Sidecasting techniques

August 21, 2012

After due consideration, I’ve settled on sidecasting over the alternatives.  It has an edge to it and was the favourite of the commentator with the most experience of foresight work.  In my last post, I promised to summarise the techniques I listed so that people had a reference and I plan that today.  That will leave me with a final post on the overall flow of one variant of backcasting.

I should make it clear that this is an indicative list and a high-level summary of each method.  This is very much an interim post by the way.  It will build into a workflow tomorrow.

Future Backwards

It was the confusion of this technique with backcasting that started me on this path.  It’s one of the oldest and most popular techniques we created and has been used for everything from Battlefield lessons learned to strategic foresight.  I’ll summarise the essence of the approach, but more detail on its use in my next post.
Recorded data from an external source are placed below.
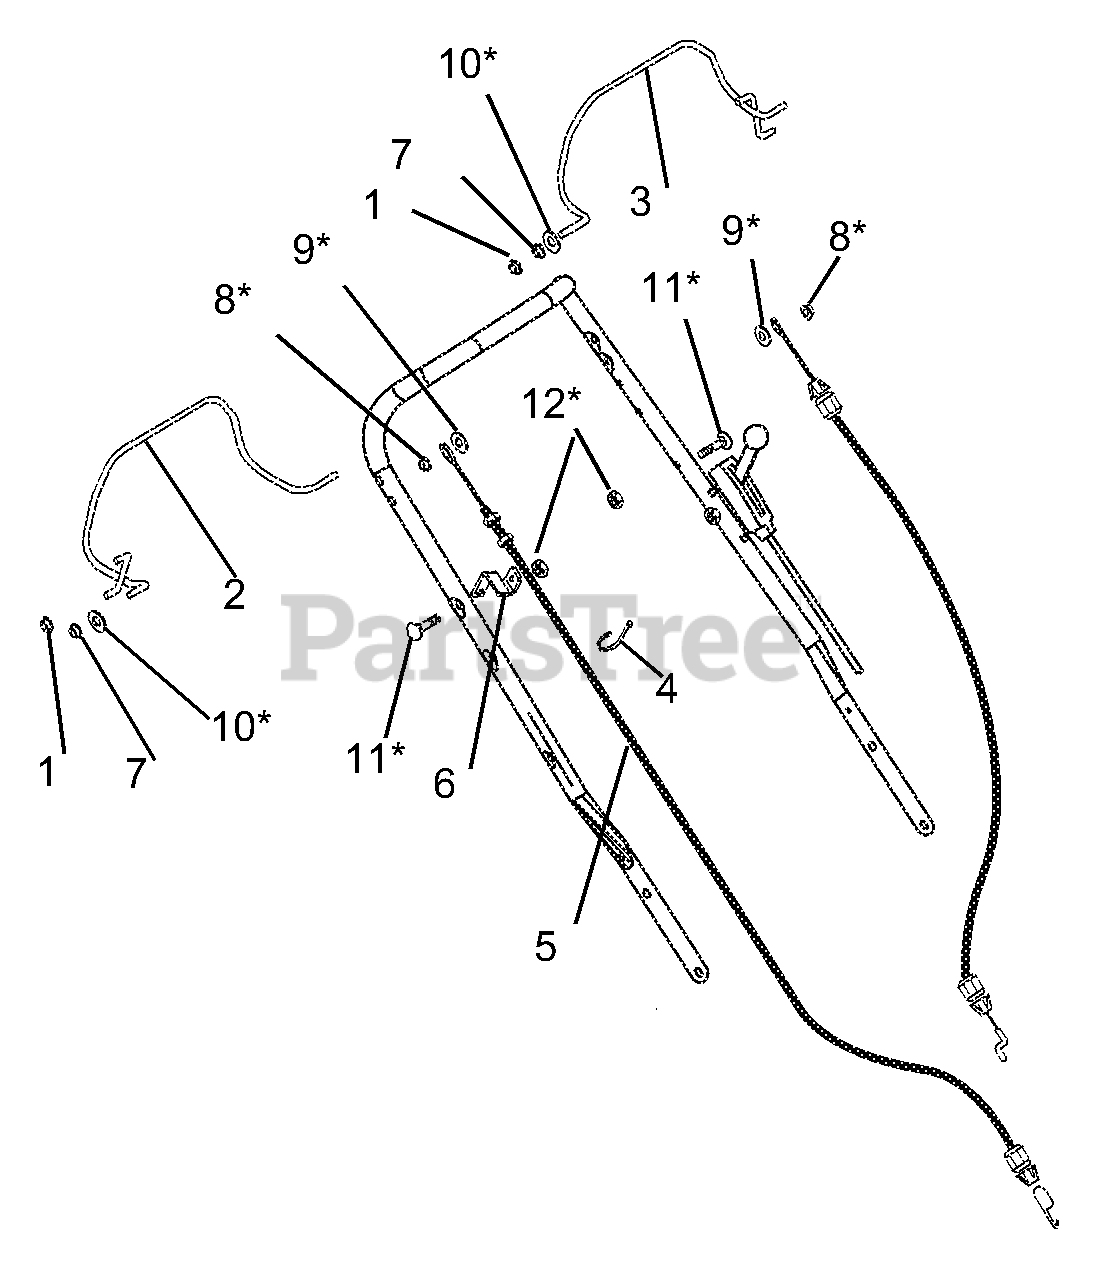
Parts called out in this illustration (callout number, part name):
1	5/16" Push Nut
2	Traction Bail
3	Engine Bail
4	Cable Tie
5	Traction Cable
6	Traction Cable Anchor
7	5/16" Bushing
8	1/4" Push Nut
9	9/32" Washer
10	1/4" Washer
11	1/2" x 1/4" Bolt
12	1/2" Locknut
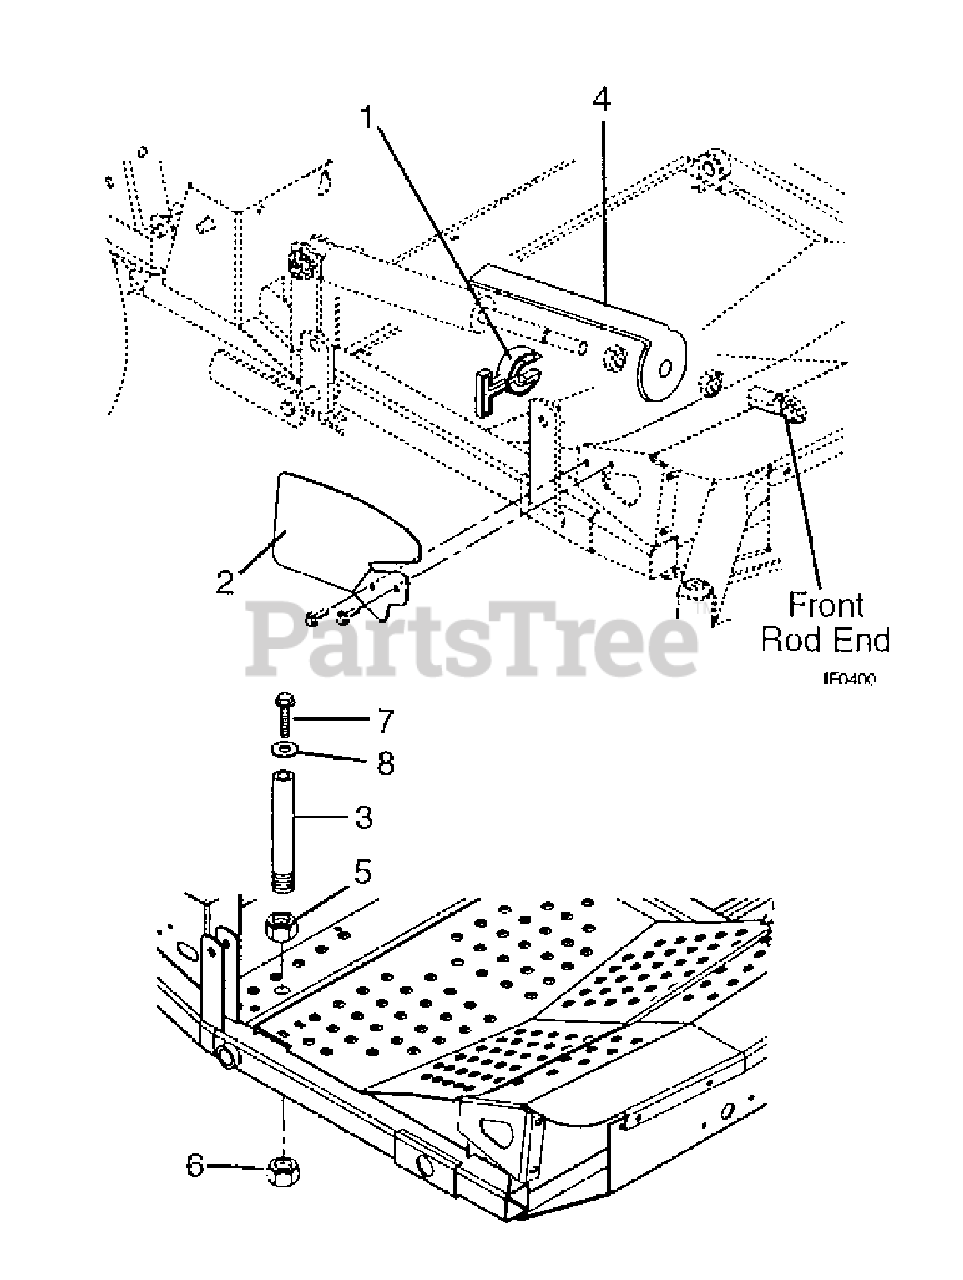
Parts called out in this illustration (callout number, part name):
1	Stop, Cylinder .34" Thick
1	Stop, Cylinder .68" Thick
2	Guard, Foot
3	Post
4	Strap, Height of Cut Indicator
5	Nut-Jam .75-16
6	Nut-Jam Center Lock .75-16
7	Bolt-Hex .50-20 x 1.00 Grade 5
8	Washer-Flat-Steel .531 x 1.06 x .095

  • Groups working in parallel define the current state of affairs then step backward, turning point by turning point for as far into history as they consider relevant.  The common turning points in the different parallel streams determine historical events that are defining the perspective filters of the organisation that may blind them to weak signals.
  • Heaven and hell are identified not as the best or worst scenarios, but as impossibly good and impossibly bad. The goal here is to widen the scope and this has some elements in common with backcasting.  However, the groups then move backward through turning points, to a point in the past where they create a counterfactual.  The common turning points between groups represent perspective filters again.  We also do not allow people to go back to the present as that will bring in politics and our goal is to expand not contract the field.  Counterfactuals (If we had done this then …) also stimulate thinking.
  • On both heaven and hell lines, one Act of God is allowed.  Often this proves more likely that people thought when they reflect on it, sometimes, it is so extreme it is a test of hopelessness or despair which is also useful: Aliens landing to give us new technology for climate change for example – its a common one.

What we then do with those results I will explain in the next post.  But the distinctions above make it clear that this is not a backcasting method.  Although I can see how the confusion arises

Social Network Stimulation

SNS is a ubiquitous technique in Cognitive Edge.  Its purpose is to build diverse networks quickly to solve intractable problems.  By bringing together (while allowing self-selection within constraints) it is a way of challenging established thinking and generating diversity.  In the context of foresight, its use is to generate scenarios or challenge them.  It also creates a sensor network able to explore and research different possibilities.

Fitness landscapes

I described their use in my last post.  Aside from illustrating the dispositionality of a complex system and breaking the linear and causal models of forecasting and backcasting, it also allows us to map pathways to avoid and explore from the present.  Expect a lot more on that from SenseMaker® later this year or earlier next.

Distributed Cognition

Derived from the wisdom of crowds, but with some science added, this is one of the essential aspects of complexity.  A large human sensor network, generating micro-scenarios and able to respond to emerging situations in real-time has a power to handle the uncertainty that is not possessed by scenario planning, foresight extrapolations of backcasting.  It is one of the most exciting developments with SenseMaker® with the first major projects now starting.  I will expand on this in a future post (or rather posts).  Apologies for saying this again, but it’s a bigger topic and needs more material than is appropriate for a summary.